Saved data entries:
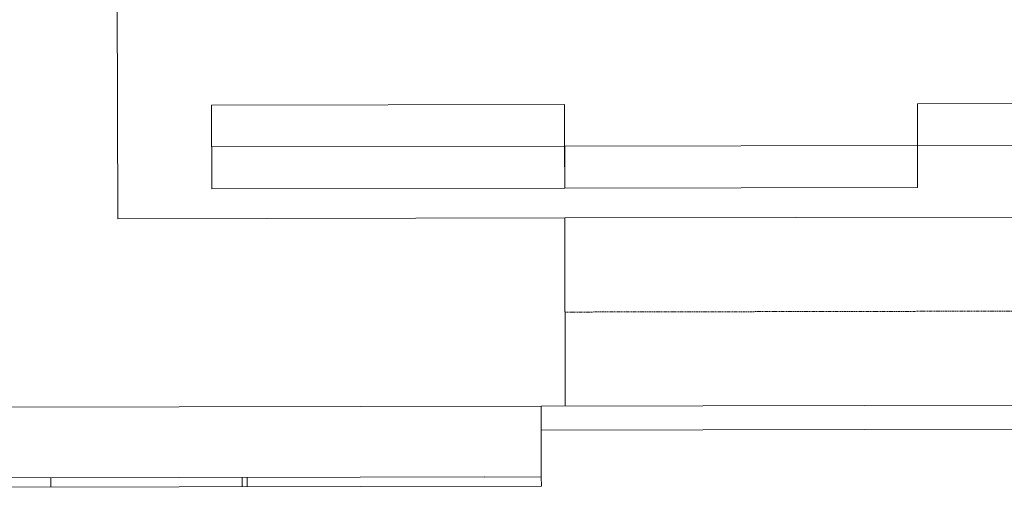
# Model space of a CAD drawing. Header units: millimetres. Extents: x 365044 to 878822, y -384447 to -241456.
# Tile 40 of 65: x 755719 to 756765, y -314515 to -314017. Entities that reach past the tile are written whole.
import ezdxf

# ---------------------------------------------------------------- set-up
doc = ezdxf.new("R2010")
doc.units = ezdxf.units.MM
doc.linetypes.add('Arrivals Level', pattern=[1.85, 1.25, -0.6])
for name, color, linetype, lineweight in [('A-DETL-____-OTLN-1', 90, 'Arrivals Level', 9), ('A-WALL-____-MCUT', 95, 'Continuous', 18), ('A-WALL-____-OTLN', 113, 'Continuous', 9), ('A-WALL-____-PATT-1', 111, 'Continuous', 9), ('Q-SPCQ-____-OTLN', 91, 'Continuous', 9)]:
    doc.layers.add(name, color=color, linetype=linetype, lineweight=lineweight)

# ---------------------------------------------------------------- blocks, each defined once
blk = doc.blocks.new('Basic Wall _ Brick_Generic_Face - ___-1852325-Level 0 - ARRIVALS - T2 - ARRIVALS FORECOURT')
at = {"layer": 'A-WALL-____-PATT-1'}
h = blk.add_hatch(dxfattribs=at)
h.set_pattern_fill('FP_2', color=256, style=0, pattern_type=2)
h.set_pattern_definition([(0, (0, 0), (406.4, 101.6), [33.528, -271.272, 33.528, -271.272, -1625.6]), (0, (0, 0), (406.4, 101.6), [-609.6, 33.528, -576.072, 33.528, -271.272, -711.2]), (0, (0, 0), (406.4, 101.6), [-1524, 33.528, -169.672, 33.528, -474.472]), (120, (152.4, 50.8), (-291.18818, 301.152724), [33.528, -271.272, 33.528, -271.272, -1625.6]), (120, (152.4, 50.8), (-291.18818, 301.152724), [-609.6, 33.528, -576.072, 33.528, -271.272, -711.2]), (120, (152.4, 50.8), (-291.18818, 301.152724), [-1524, 33.528, -169.672, 33.528, -474.472]), (240, (203.2, 254), (-115.21182, -402.752724), [33.528, -271.272, 33.528, -271.272, -1625.6]), (240, (203.2, 254), (-115.21182, -402.752724), [-609.6, 33.528, -576.072, 33.528, -271.272, -711.2]), (240, (203.2, 254), (-115.21182, -402.752724), [-1524, 33.528, -169.672, 33.528, -474.472])])
h.paths.add_polyline_path([(138185, -49019.6), (138185, -47920.4), (138175, -47920.4), (138175, -49019.6)], flags=0)
h = blk.add_hatch(dxfattribs=at)
h.set_pattern_fill('FP_15', color=256, style=0, pattern_type=2)
h.set_pattern_definition([(0, (138100, -45200), (0, 500), []), (90, (138100, -45200), (-250, 2e-14), [])])
h.paths.add_polyline_path([(138185, -49019.6), (138185, -47920.4), (138175, -47920.4), (138175, -49019.6)], flags=0)
at = {"layer": 'A-WALL-____-OTLN'}
for p in [(138175, -47920.4), (138185, -49019.6)]:
    blk.add_line(p, (138185, -47920.4), dxfattribs=at)
blk = doc.blocks.new('ELVR - Four Panel Center Opening-Rear - F-FC-015-05 _1800x4000_-4405684-Level 0 - ARRIVALS - T2 - ARRIVALS FORECOURT')
at = {"layer": 'Q-SPCQ-____-OTLN'}
for p, q in [((-750, 220.6), (-1125, 220.6)), ((-1125, 220.6), (-1125, 131.7)), ((-750, 131.7), (-750, 220.6)), ((0, 220.6), (-375, 220.6)), ((-375, 220.6), (-375, 176.2)), ((-750, 176.2), (-1125, 176.2)), ((-375, 176.2), (-750, 176.2)), ((-750, 176.2), (-750, 131.7)), ((-375, 176.2), (0, 176.2)), ((-375, 131.7), (-375, 176.2)), ((-1125, 131.7), (-750, 131.7)), ((-750, 131.7), (-375, 131.7)), ((-775.4, -100), (775.4, -100)), ((-775.4, -100), (-775.4, -125.4)), ((775.4, -125.4), (-775.4, -125.4))]:
    blk.add_line(p, q, dxfattribs=at)

msp = doc.modelspace()

# ---------------------------------------------------------------- linework, layer by layer
at = {"layer": 'A-DETL-____-OTLN-1'}
msp.add_line((756298.1, -314327.8), (757798.1, -314324.7), dxfattribs=at)
at = {"layer": 'A-WALL-____-MCUT'}
for p, q in [((755822.9, -314228.8), (755814.7, -310358.8)), ((756297.9, -314227.8), (755822.9, -314228.8)), ((756298.3, -314427.8), (756297.9, -314227.8)), ((755173.7, -314430.1), (756272.9, -314427.8)), ((756273, -314502.8), (756272.9, -314453.2)), ((755173.8, -314505.1), (756273, -314502.8))]:
    msp.add_line(p, q, dxfattribs=at)
at = {"layer": 'A-WALL-____-OTLN'}
msp.add_line((756297.9, -314227.8), (757797.8, -314224.7), dxfattribs=at)

# ---------------------------------------------------------------- block references
at = {"layer": 'A-WALL-____-OTLN', "rotation": 270.1199999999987}
msp.add_blockref('Basic Wall _ Brick_Generic_Face - ___-1852325-Level 0 - ARRIVALS - T2 - ARRIVALS FORECOURT', (803903.9, -176227.8), dxfattribs=at)
at = {"layer": 'Q-SPCQ-____-OTLN', "rotation": 0.1200000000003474}
msp.add_blockref('ELVR - Four Panel Center Opening-Rear - F-FC-015-05 _1800x4000_-4405684-Level 0 - ARRIVALS - T2 - ARRIVALS FORECOURT', (757048.1, -314326.2), dxfattribs=at)

doc.saveas('drawing.dxf')

> Task brief: The stretch of entries above that starts with the line containing "for name, color, linetype, lineweight" and goes on through the line containing "h.set_pattern_fill('FP_2', color=256, style=0, pattern_type=2)" is to be transcribed exactly, and no other line is to be transcribed.

> Output of the exercise:
for name, color, linetype, lineweight in [('A-DETL-____-OTLN-1', 90, 'Arrivals Level', 9), ('A-WALL-____-MCUT', 95, 'Continuous', 18), ('A-WALL-____-OTLN', 113, 'Continuous', 9), ('A-WALL-____-PATT-1', 111, 'Continuous', 9), ('Q-SPCQ-____-OTLN', 91, 'Continuous', 9)]:
    doc.layers.add(name, color=color, linetype=linetype, lineweight=lineweight)

# ---------------------------------------------------------------- blocks, each defined once
blk = doc.blocks.new('Basic Wall _ Brick_Generic_Face - ___-1852325-Level 0 - ARRIVALS - T2 - ARRIVALS FORECOURT')
at = {"layer": 'A-WALL-____-PATT-1'}
h = blk.add_hatch(dxfattribs=at)
h.set_pattern_fill('FP_2', color=256, style=0, pattern_type=2)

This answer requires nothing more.